*** Block opens ***
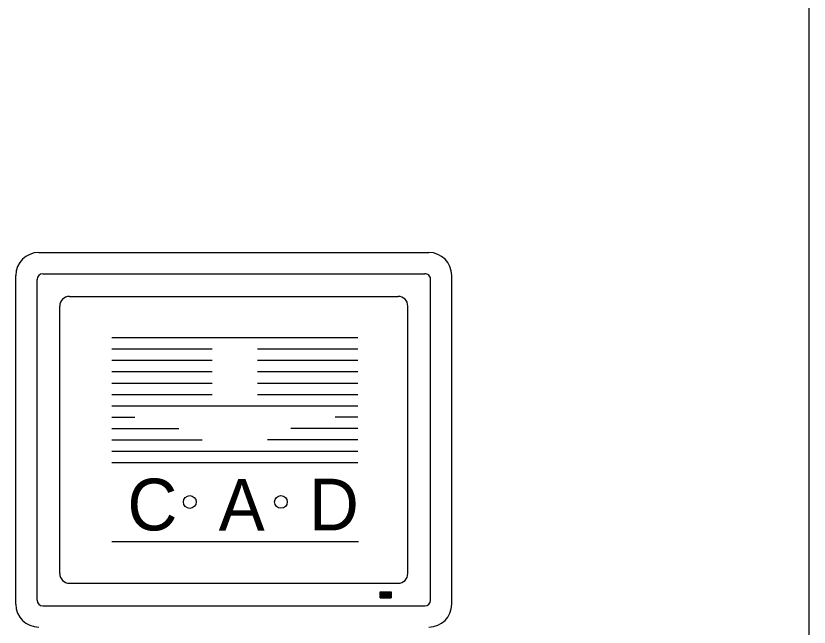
# Model space of a CAD drawing. Extents: x 22339.2 to 22413.4, y 22369.6 to 22418.8.
# Drawn here: x 22406.007 to 22409.05, y 22372.361 to 22374.705 of the extents above; entities that cross this region are included whole.
import ezdxf

# ---------------------------------------------------------------- set-up
doc = ezdxf.new("R2010")
doc.units = 0
for name, color, linetype in [('Level 2', 7, 'Continuous'), ('Level 3', 7, 'Continuous'), ('Level 5', 7, 'Continuous'), ('Level 9', 7, 'Continuous')]:
    doc.layers.add(name, color=color, linetype=linetype)

msp = doc.modelspace()

# ---------------------------------------------------------------- linework, layer by layer
at = {"layer": 'Level 2'}
for p, q in [((22406.2125, 22373.6292), (22407.4741, 22373.6292)), ((22406.1758, 22372.566), (22406.1758, 22373.5925)), ((22407.5108, 22372.566), (22407.5108, 22373.5925)), ((22406.2125, 22372.5293), (22407.4741, 22372.5293)), ((22407.405, 22372.4948), (22407.4468, 22372.4948)), ((22407.405, 22372.4937), (22407.4468, 22372.4937)), ((22407.405, 22372.4923), (22407.4468, 22372.4923)), ((22407.405, 22372.4908), (22407.4468, 22372.4908)), ((22407.405, 22372.4895), (22407.4468, 22372.4895)), ((22407.405, 22372.4883), (22407.4468, 22372.4883)), ((22407.405, 22372.487), (22407.4468, 22372.487)), ((22407.405, 22372.4857), (22407.4468, 22372.4857)), ((22407.405, 22372.4843), (22407.4468, 22372.4843)), ((22407.405, 22372.483), (22407.4468, 22372.483)), ((22407.405, 22372.4817), (22407.4468, 22372.4817)), ((22407.405, 22372.4803), (22407.4468, 22372.4803)), ((22407.405, 22372.4792), (22407.4468, 22372.4792)), ((22407.405, 22372.4777), (22407.4468, 22372.4777)), ((22407.405, 22372.4763), (22407.4468, 22372.4763)), ((22407.405, 22372.4752), (22407.4468, 22372.4752)), ((22407.405, 22372.4738), (22407.4468, 22372.4738))]:
    msp.add_line(p, q, dxfattribs=at)
msp.add_lwpolyline([(22407.405, 22372.4958), (22407.4468, 22372.4958), (22407.4468, 22372.4727), (22407.405, 22372.4727)], close=True, dxfattribs=at)
for centre in [(22406.6745, 22372.8408), (22407.0241, 22372.8409)]:
    msp.add_circle(centre, 0.0244, dxfattribs=at)
for centre, start, end in [((22406.2124, 22373.5925), 90, 180), ((22407.4741, 22373.5925), 0, 90), ((22406.2124, 22372.566), 180, 270), ((22407.4741, 22372.566), 270, 0)]:
    msp.add_arc(centre, 0.0367, start, end, dxfattribs=at)
at = {"layer": 'Level 3'}
for p, q in [((22406.0953, 22373.7977), (22407.5913, 22373.7977)), ((22406.0073, 22372.4488), (22406.0073, 22373.7097)), ((22406.1105, 22373.7165), (22407.5746, 22373.7165)), ((22407.6793, 22372.4488), (22407.6793, 22373.7097)), ((22406.0885, 22372.4642), (22406.0885, 22373.6945)), ((22407.5981, 22372.4642), (22407.5981, 22373.6945)), ((22406.1105, 22372.4422), (22407.5746, 22372.4422))]:
    msp.add_line(p, q, dxfattribs=at)
for centre, radius, start, end in [((22406.0952, 22373.7096), 0.088, 90, 180), ((22407.5912, 22373.7096), 0.088, 0, 90), ((22406.1104, 22373.6945), 0.022, 90, 180), ((22407.5761, 22373.6945), 0.022, 0, 93.8704), ((22406.1104, 22372.464), 0.022, 180, 270), ((22407.5761, 22372.464), 0.022, 270, 0), ((22406.0952, 22372.4489), 0.088, 180, 270), ((22407.5912, 22372.4489), 0.088, 270, 0)]:
    msp.add_arc(centre, radius, start, end, dxfattribs=at)
at = {"layer": 'Level 5'}
for p, q in [((22406.376, 22373.4713), (22407.3193, 22373.4713)), ((22406.376, 22373.4277), (22406.7605, 22373.4277)), ((22406.9346, 22373.4277), (22407.3193, 22373.4277)), ((22406.376, 22373.3842), (22406.7605, 22373.3842)), ((22406.9346, 22373.3842), (22407.3193, 22373.3842)), ((22406.376, 22373.3407), (22406.7605, 22373.3407)), ((22406.9346, 22373.3407), (22407.3193, 22373.3407)), ((22406.376, 22373.297), (22406.7605, 22373.297)), ((22406.9346, 22373.297), (22407.3193, 22373.297)), ((22406.376, 22373.2533), (22406.7605, 22373.2533)), ((22406.9346, 22373.2533), (22407.3193, 22373.2533)), ((22406.376, 22373.2097), (22407.3193, 22373.2097)), ((22406.376, 22373.1663), (22406.4631, 22373.1663)), ((22407.3191, 22373.1663), (22407.232, 22373.1663)), ((22406.376, 22373.1227), (22406.633, 22373.1227)), ((22407.3191, 22373.1227), (22407.0621, 22373.1227)), ((22406.376, 22373.0792), (22406.7223, 22373.0792)), ((22407.3191, 22373.0792), (22406.9728, 22373.0792)), ((22406.376, 22373.0355), (22407.3193, 22373.0355)), ((22406.376, 22372.9918), (22407.3193, 22372.9918)), ((22406.376, 22372.6893), (22407.321, 22372.6893))]:
    msp.add_line(p, q, dxfattribs=at)
at = {"layer": 'Level 9'}
msp.add_lwpolyline([(22409.0502, 22370.2933), (22409.0502, 22414.2933)], dxfattribs=at)

# ---------------------------------------------------------------- texts
at = {"layer": 'Level 5'}
for s, p in [('C', (22406.4351, 22372.7318)), ('A', (22406.7851, 22372.7302)), ('D', (22407.1315, 22372.7318))]:
    msp.add_text(s, height=0.1984, dxfattribs=at).set_placement(p)

doc.saveas('drawing.dxf')
*** Block closes ***
Try it.
The lines above that hold the string "linetype" are to be located and copied.

Finished exercise.
for name, color, linetype in [('Level 2', 7, 'Continuous'), ('Level 3', 7, 'Continuous'), ('Level 5', 7, 'Continuous'), ('Level 9', 7, 'Continuous')]:
    doc.layers.add(name, color=color, linetype=linetype)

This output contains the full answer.